BEGIN RECORDS

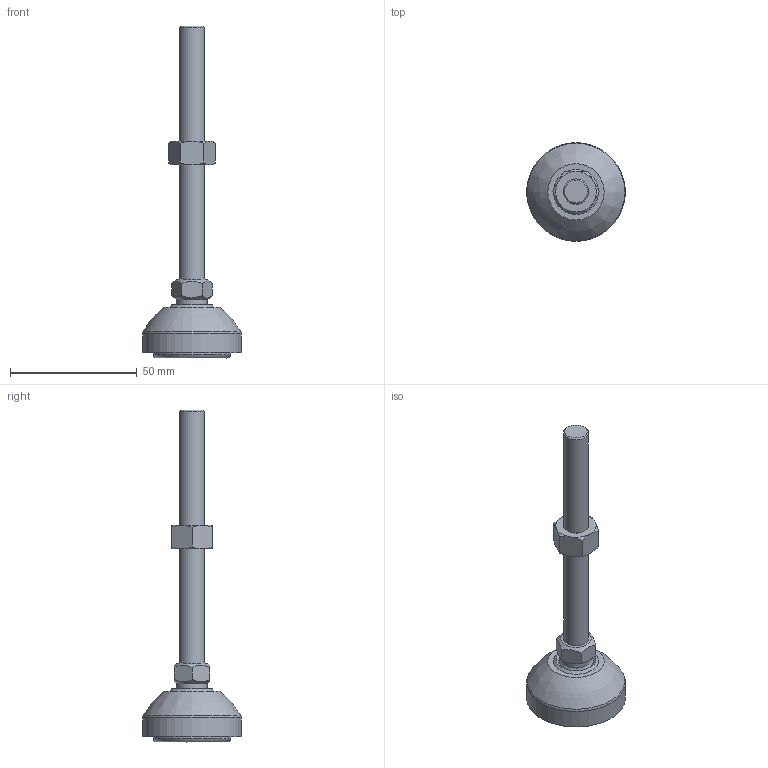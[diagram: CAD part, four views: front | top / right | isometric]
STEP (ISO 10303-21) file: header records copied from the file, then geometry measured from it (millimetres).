
FILE_DESCRIPTION(/* description */ (''),/* implementation_level */ '2;1');
FILE_NAME(/* name */ 'Articulating Anti-slip Levelling Foot - Metal 39mm - M10 - 100mm.step',/* time_stamp */ '2025-10-13T20:23:10+03:00',/* author */ (''),/* organization */ (''),/* preprocessor_version */ 'ST-DEVELOPER v20.1',/* originating_system */ 'Autodesk Translation Framework v14.17.0.0',/* authorisation */ '');
FILE_SCHEMA (('AUTOMOTIVE_DESIGN { 1 0 10303 214 3 1 1 }'));
Length unit declared in the file: millimetre
Products named in the file (5): Articulating Anti-slip Levelling Foot - Metal 39mm - M10 - 100mm; Articulating Levelling Foot Stud - M10 - 100mm; hex nut style 2_am_B18.2.4.2M - Hex nut, Style 2,  M10 x 1.5, with 16
mm WAF --D-N; Articulating Levelling Foot Stud - M10 - 100mm_1; 340.1100A.01
Assembly tree (4 placements, depth 3):
  Articulating Anti-slip Levelling Foot - Metal 39mm - M10 - 100mm
    Articulating Levelling Foot Stud - M10 - 100mm
      hex nut style 2_am_B18.2.4.2M - Hex nut, Style 2,  M10 x 1.5, with 16
mm WAF --D-N
      Articulating Levelling Foot Stud - M10 - 100mm_1
    340.1100A.01
Bounding box: 39 x 39 x 131.01 mm (x, y, z)
Volume: 29621.3 mm3; surface area: 10587.2 mm2
Topology: 3 solids, 4 shells, 127 faces, 293 edges, 181 vertices
Faces by surface type: plane 59, bspline 28, cone 20, cylinder 17, torus 2, sphere 1
Full cylindrical faces by diameter (mm): 4 x1, 8.526 x1, 9.85 x1, 10 x1, 12.166 x1, 15.052 x1, 30.5 x1, 30.85 x1, 39 x1
Entity records: 4948 total; most frequent: CARTESIAN_POINT 2198, ORIENTED_EDGE 582, DIRECTION 519, EDGE_CURVE 291, AXIS2_PLACEMENT_3D 229, VERTEX_POINT 181, EDGE_LOOP 140, FACE_OUTER_BOUND 127
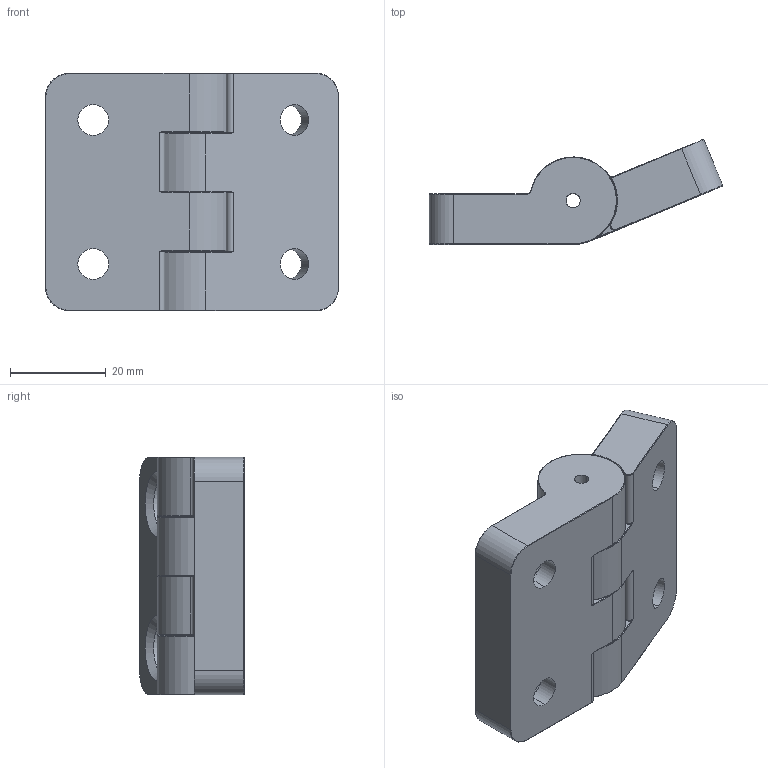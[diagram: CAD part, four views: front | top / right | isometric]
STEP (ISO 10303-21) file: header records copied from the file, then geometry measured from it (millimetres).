
FILE_DESCRIPTION (( 'STEP AP214' ), '1' );
FILE_NAME ('8-8-40.STEP', '2019-01-13T19:05:55', ( '' ), ( '' ), 'SwSTEP 2.0', 'SolidWorks 2018', '' );
FILE_SCHEMA (( 'AUTOMOTIVE_DESIGN' ));
Length unit declared in the file: millimetre
Products named in the file (2): 8-8-40; 4040
Assembly tree (2 placements, depth 2):
  8-8-40
    4040  x2
Bounding box: 61.17 x 21.85 x 49.5 mm (x, y, z)
Volume: 32405.1 mm3; surface area: 12555.1 mm2
Topology: 2 solids, 2 shells, 174 faces, 416 edges, 238 vertices
Faces by surface type: cylinder 76, torus 58, plane 20, bspline 12, cone 8
Entity records: 2754 total; most frequent: CARTESIAN_POINT 647, DIRECTION 484, ORIENTED_EDGE 404, AXIS2_PLACEMENT_3D 212, EDGE_CURVE 202, CIRCLE 126, VERTEX_POINT 119, EDGE_LOOP 97

END RECORDS

WHAT IS NEEDED: Only these lines should appear in the reply: the one containing "Faces by surface type: cylinder", the last line of the data, and all lines between them, each copied exactly.

EXERCISE SOLUTION:
Faces by surface type: cylinder 76, torus 58, plane 20, bspline 12, cone 8
Entity records: 2754 total; most frequent: CARTESIAN_POINT 647, DIRECTION 484, ORIENTED_EDGE 404, AXIS2_PLACEMENT_3D 212, EDGE_CURVE 202, CIRCLE 126, VERTEX_POINT 119, EDGE_LOOP 97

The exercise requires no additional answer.